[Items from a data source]
*-*-*
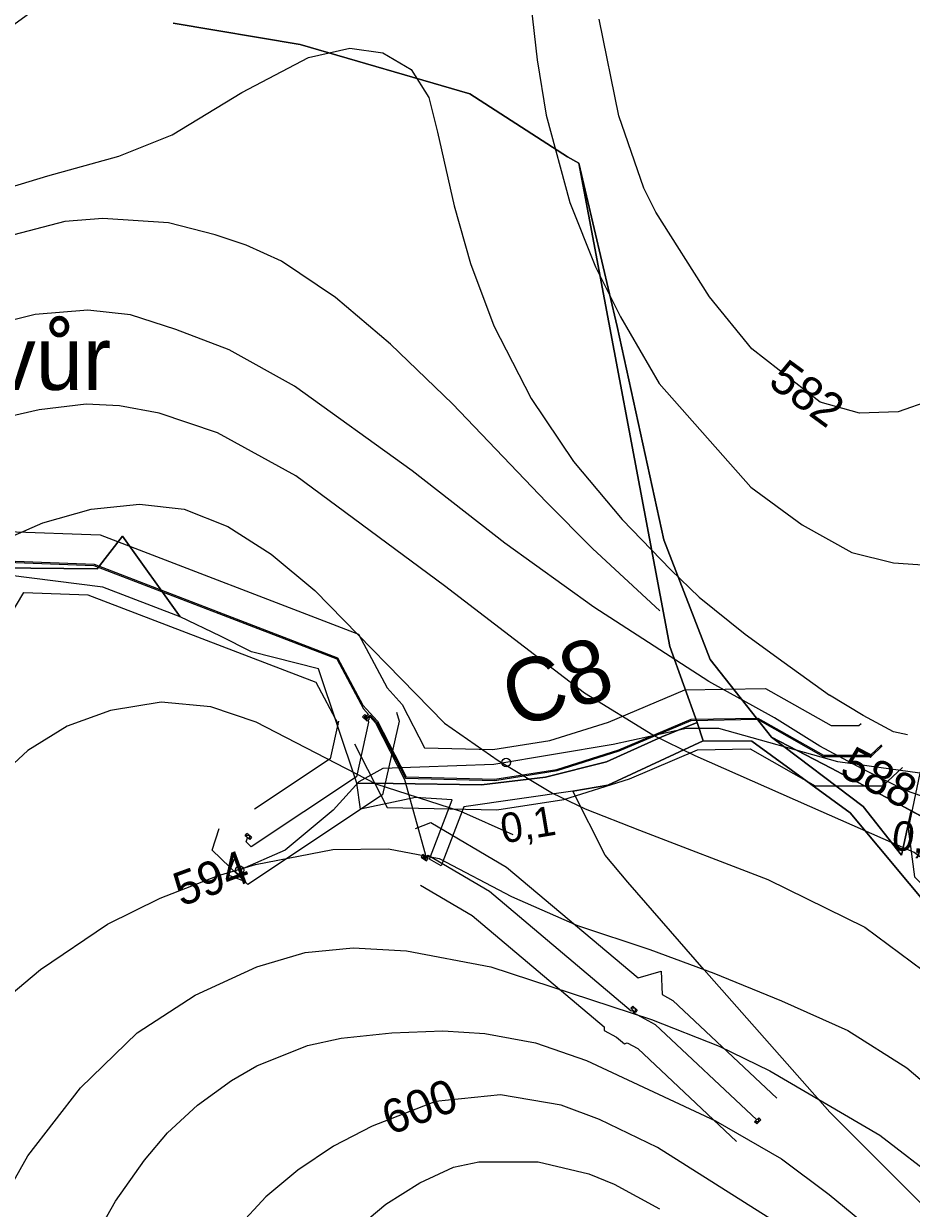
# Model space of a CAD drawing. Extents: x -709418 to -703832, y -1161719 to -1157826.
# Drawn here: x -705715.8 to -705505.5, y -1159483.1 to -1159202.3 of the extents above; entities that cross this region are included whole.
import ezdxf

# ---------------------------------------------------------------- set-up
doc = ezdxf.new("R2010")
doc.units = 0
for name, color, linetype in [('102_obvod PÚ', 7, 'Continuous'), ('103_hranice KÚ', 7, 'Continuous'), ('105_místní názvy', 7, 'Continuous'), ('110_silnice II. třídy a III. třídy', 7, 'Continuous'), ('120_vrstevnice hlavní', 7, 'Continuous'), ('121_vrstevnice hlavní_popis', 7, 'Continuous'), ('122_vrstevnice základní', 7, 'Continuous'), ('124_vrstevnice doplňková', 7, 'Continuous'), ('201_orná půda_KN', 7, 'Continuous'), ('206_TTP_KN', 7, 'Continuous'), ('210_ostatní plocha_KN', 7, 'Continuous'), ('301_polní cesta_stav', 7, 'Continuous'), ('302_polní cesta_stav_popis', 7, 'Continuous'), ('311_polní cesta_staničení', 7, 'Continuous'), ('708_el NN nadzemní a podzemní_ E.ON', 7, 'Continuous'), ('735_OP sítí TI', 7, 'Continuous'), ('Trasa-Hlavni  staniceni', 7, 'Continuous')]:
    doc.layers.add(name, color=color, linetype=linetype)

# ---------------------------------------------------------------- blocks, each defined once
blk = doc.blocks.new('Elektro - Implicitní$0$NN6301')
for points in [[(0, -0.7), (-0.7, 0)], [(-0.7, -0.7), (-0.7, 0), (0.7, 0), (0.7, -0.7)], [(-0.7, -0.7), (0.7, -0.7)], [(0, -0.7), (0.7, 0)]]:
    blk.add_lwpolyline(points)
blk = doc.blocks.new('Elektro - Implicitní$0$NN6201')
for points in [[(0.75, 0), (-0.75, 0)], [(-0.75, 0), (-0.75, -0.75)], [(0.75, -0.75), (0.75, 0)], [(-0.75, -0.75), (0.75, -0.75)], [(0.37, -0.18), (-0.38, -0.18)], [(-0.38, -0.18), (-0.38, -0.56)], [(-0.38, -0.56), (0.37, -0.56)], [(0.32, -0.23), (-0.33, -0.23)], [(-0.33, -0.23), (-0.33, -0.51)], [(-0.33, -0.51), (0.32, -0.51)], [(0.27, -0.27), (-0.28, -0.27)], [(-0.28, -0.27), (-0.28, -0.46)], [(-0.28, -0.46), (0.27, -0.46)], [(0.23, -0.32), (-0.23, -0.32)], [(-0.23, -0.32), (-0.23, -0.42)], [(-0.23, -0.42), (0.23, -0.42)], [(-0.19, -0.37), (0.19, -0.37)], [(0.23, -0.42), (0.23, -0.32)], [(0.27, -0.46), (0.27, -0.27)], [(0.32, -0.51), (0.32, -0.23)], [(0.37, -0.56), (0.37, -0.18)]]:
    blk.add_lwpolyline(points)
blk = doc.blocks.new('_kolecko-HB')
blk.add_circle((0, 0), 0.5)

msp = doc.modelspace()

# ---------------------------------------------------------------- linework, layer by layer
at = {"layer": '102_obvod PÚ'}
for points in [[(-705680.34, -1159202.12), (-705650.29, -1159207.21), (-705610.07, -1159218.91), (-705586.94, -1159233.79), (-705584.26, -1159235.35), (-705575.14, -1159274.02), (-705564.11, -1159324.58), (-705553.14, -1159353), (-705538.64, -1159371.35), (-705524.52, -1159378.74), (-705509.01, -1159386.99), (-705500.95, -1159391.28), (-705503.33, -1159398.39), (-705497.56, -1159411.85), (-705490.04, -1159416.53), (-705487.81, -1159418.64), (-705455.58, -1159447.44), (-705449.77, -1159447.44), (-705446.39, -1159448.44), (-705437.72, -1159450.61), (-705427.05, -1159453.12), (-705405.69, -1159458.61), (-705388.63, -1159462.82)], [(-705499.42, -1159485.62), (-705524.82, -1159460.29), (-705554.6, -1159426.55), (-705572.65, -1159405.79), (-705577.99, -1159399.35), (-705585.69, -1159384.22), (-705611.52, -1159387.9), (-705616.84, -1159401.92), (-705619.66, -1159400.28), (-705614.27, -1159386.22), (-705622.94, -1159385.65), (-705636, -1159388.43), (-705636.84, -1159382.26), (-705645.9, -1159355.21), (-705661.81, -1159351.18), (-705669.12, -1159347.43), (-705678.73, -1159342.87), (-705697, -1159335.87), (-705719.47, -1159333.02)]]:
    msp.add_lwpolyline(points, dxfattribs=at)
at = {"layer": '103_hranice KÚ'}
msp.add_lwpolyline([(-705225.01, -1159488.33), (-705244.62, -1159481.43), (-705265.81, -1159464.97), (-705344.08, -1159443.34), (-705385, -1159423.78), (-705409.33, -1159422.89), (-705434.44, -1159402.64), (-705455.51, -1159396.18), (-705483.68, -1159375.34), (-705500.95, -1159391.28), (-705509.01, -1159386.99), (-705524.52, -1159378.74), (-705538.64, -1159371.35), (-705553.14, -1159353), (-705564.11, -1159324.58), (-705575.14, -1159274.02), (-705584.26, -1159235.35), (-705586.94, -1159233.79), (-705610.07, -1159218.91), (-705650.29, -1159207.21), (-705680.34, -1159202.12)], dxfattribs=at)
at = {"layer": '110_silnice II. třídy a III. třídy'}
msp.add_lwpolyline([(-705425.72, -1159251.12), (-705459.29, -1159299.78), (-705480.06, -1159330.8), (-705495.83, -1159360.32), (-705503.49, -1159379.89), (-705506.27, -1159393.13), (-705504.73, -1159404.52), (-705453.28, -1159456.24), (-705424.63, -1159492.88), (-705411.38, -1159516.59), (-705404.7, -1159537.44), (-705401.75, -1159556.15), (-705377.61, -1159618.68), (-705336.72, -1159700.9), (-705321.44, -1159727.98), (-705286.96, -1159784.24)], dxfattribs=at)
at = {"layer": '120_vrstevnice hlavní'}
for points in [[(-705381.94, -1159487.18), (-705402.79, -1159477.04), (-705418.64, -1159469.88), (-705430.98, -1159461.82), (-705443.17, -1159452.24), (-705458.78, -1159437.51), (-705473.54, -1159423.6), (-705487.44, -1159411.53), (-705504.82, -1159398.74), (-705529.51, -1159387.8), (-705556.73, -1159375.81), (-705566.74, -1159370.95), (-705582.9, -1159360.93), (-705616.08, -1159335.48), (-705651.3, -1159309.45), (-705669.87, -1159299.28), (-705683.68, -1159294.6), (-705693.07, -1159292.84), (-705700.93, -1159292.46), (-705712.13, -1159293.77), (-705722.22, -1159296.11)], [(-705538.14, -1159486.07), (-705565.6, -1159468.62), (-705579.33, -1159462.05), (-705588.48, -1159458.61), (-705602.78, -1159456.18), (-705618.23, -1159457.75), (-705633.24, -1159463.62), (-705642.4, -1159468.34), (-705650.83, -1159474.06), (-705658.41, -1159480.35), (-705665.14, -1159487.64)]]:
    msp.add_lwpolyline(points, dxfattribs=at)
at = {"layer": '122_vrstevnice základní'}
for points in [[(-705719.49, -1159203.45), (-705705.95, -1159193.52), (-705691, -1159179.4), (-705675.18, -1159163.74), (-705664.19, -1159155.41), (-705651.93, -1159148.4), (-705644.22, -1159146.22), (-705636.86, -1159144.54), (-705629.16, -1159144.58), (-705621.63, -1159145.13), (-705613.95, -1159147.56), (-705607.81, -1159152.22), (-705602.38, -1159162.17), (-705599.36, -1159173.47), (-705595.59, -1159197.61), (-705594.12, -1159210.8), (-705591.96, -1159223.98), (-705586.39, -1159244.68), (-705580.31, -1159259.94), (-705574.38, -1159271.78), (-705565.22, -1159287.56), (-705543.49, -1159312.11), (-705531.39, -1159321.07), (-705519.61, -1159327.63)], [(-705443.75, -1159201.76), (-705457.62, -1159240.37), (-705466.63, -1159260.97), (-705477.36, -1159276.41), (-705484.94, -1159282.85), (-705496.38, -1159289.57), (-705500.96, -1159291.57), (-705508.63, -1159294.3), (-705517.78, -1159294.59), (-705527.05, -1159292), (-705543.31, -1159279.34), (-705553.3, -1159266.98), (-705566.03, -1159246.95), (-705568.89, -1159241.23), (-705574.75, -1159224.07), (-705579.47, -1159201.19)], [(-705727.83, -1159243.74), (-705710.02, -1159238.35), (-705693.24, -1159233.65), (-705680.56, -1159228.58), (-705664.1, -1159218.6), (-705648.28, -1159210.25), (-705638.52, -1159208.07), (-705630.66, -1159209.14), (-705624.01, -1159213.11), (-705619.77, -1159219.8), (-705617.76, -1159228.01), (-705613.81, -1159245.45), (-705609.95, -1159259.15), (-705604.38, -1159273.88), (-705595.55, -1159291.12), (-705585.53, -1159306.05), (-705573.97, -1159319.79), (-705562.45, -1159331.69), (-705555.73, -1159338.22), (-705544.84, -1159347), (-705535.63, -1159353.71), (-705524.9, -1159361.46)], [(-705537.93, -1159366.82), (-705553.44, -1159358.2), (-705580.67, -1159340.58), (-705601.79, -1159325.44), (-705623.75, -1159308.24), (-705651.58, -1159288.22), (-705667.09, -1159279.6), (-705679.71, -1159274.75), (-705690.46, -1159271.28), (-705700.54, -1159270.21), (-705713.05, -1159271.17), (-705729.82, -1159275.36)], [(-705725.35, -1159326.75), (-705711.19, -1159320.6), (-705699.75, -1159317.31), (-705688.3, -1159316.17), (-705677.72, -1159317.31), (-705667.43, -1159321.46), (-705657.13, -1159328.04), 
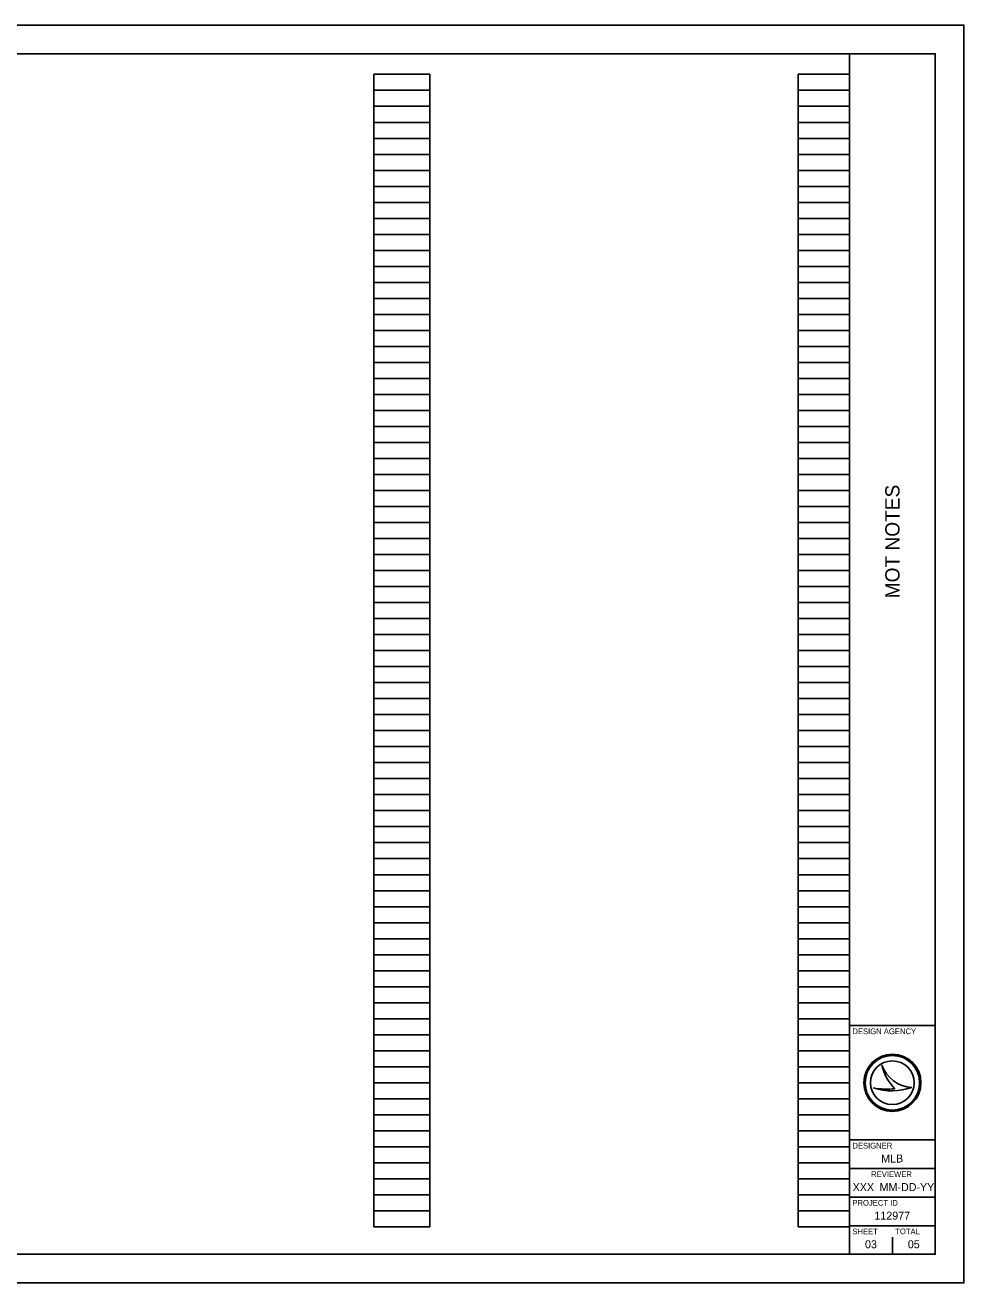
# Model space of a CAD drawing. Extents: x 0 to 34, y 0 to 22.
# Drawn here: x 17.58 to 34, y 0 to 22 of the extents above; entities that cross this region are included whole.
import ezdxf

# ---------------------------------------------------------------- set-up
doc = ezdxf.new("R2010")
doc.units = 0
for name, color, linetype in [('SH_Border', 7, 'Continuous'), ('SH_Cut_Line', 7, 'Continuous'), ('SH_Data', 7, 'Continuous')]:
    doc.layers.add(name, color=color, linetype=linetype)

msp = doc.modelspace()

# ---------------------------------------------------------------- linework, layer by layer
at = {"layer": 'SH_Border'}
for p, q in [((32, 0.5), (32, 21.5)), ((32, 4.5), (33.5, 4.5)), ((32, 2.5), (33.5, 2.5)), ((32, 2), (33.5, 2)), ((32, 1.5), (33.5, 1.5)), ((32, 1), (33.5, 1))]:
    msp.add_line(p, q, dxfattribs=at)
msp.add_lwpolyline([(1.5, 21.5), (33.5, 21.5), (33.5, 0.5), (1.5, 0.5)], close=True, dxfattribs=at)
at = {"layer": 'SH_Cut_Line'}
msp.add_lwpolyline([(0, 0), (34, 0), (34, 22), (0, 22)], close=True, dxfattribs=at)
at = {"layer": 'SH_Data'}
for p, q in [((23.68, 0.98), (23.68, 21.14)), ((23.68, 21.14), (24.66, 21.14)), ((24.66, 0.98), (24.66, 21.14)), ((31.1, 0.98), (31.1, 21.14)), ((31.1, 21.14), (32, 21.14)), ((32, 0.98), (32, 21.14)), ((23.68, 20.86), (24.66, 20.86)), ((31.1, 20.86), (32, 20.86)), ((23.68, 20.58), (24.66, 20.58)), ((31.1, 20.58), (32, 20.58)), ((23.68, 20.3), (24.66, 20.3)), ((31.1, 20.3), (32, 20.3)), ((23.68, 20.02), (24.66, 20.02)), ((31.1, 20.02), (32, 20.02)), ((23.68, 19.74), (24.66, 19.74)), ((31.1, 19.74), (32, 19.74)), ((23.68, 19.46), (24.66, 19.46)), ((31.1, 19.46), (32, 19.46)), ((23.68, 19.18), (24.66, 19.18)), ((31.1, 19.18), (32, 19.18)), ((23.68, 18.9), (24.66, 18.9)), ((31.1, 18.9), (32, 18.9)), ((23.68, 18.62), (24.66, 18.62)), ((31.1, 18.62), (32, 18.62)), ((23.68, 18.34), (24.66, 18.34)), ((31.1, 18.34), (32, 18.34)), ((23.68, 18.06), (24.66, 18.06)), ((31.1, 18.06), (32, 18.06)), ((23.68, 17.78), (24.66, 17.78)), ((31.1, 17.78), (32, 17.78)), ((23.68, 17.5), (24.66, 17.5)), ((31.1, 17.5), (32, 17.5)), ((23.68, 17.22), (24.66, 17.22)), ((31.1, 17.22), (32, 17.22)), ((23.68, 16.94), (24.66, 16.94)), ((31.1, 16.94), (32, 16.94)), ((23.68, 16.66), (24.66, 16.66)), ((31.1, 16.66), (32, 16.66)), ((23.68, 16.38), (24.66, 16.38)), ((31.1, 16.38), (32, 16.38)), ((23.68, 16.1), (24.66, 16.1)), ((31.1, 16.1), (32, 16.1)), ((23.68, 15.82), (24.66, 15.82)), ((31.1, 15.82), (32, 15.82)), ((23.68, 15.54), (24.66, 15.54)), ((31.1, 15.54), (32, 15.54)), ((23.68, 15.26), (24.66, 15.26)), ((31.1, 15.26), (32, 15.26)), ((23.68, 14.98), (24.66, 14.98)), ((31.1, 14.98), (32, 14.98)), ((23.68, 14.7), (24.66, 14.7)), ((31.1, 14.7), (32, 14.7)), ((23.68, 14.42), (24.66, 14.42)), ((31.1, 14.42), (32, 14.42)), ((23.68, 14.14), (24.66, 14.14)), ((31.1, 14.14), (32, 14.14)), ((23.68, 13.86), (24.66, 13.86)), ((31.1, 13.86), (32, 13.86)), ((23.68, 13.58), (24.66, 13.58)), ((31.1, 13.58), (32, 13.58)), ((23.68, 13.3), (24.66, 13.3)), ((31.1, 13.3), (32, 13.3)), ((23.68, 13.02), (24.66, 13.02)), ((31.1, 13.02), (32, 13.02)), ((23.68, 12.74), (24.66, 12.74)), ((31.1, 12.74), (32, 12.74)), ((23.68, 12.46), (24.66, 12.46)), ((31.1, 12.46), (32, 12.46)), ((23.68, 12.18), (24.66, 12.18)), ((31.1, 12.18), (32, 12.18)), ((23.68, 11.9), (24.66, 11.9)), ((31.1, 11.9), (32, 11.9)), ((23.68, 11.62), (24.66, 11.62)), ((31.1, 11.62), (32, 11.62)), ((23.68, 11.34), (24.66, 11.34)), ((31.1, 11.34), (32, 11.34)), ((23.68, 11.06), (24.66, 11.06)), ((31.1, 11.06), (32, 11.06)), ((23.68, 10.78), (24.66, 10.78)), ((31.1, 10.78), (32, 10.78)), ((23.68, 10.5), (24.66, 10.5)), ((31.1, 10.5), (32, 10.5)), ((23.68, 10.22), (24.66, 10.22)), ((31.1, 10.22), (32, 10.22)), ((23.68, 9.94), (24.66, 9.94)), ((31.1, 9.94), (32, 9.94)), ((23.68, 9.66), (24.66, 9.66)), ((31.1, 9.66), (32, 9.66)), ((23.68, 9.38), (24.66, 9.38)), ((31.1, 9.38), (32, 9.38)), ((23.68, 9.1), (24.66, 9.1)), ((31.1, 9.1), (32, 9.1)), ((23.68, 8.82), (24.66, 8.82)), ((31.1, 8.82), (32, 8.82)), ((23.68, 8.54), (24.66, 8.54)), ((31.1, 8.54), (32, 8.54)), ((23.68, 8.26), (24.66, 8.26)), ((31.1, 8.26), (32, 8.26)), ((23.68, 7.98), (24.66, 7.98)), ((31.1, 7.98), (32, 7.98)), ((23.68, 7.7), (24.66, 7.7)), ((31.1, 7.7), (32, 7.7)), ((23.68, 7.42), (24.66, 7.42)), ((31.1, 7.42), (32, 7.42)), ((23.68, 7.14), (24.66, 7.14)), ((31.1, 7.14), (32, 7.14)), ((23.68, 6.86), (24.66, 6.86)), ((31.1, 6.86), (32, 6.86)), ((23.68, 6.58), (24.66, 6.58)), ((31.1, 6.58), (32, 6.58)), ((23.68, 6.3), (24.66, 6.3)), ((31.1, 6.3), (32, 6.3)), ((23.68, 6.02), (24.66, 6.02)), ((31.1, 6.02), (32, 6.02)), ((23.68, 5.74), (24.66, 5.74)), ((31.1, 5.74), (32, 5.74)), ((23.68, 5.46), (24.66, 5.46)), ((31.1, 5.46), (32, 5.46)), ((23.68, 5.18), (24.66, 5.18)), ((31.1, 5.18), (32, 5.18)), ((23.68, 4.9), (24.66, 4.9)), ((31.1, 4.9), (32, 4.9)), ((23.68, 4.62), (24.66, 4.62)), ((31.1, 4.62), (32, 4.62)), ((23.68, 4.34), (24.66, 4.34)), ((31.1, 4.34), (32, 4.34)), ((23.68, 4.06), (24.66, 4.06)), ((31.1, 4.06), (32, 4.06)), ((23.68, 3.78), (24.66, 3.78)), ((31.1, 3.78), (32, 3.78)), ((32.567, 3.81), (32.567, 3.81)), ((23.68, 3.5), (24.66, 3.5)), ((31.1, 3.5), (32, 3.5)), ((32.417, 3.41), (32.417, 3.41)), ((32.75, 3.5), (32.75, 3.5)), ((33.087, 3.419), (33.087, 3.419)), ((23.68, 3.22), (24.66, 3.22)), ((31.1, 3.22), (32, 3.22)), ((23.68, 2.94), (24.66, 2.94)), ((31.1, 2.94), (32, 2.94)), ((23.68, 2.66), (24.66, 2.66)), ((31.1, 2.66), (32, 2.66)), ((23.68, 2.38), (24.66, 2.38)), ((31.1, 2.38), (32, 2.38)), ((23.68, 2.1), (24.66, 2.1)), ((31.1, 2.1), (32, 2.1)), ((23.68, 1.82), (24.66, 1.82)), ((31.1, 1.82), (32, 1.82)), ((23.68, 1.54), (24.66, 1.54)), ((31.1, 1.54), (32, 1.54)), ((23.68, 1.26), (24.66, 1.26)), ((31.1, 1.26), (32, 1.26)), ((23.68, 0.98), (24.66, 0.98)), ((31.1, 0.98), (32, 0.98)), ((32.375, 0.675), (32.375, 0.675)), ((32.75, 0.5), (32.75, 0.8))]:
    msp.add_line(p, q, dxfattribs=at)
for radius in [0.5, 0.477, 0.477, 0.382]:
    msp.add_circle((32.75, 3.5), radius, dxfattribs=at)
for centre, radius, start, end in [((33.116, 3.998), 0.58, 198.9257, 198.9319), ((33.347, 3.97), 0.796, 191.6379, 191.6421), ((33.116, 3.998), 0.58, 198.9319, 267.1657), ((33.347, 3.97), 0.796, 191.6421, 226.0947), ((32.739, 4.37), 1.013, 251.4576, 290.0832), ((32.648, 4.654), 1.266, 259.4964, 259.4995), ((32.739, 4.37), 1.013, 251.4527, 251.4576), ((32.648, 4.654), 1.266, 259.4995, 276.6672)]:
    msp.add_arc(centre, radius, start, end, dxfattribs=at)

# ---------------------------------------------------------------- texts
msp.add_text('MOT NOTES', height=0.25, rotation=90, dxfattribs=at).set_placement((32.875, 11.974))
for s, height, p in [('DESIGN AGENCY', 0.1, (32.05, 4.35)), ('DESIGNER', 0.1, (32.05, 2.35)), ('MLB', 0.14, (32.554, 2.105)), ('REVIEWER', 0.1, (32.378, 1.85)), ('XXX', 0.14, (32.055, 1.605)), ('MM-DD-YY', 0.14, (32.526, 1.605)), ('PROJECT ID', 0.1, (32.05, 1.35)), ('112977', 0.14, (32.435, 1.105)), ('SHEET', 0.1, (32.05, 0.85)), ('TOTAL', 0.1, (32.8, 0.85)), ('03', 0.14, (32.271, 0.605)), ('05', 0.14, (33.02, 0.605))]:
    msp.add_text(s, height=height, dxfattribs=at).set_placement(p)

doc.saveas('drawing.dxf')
*-*-*
Please copy exactly, and only, the lines from the line containing "msp.add_text(s, height=height, dxfattribs=at).set_placement(p)" through the last line of the records, with both ends included.

    msp.add_text(s, height=height, dxfattribs=at).set_placement(p)

doc.saveas('drawing.dxf')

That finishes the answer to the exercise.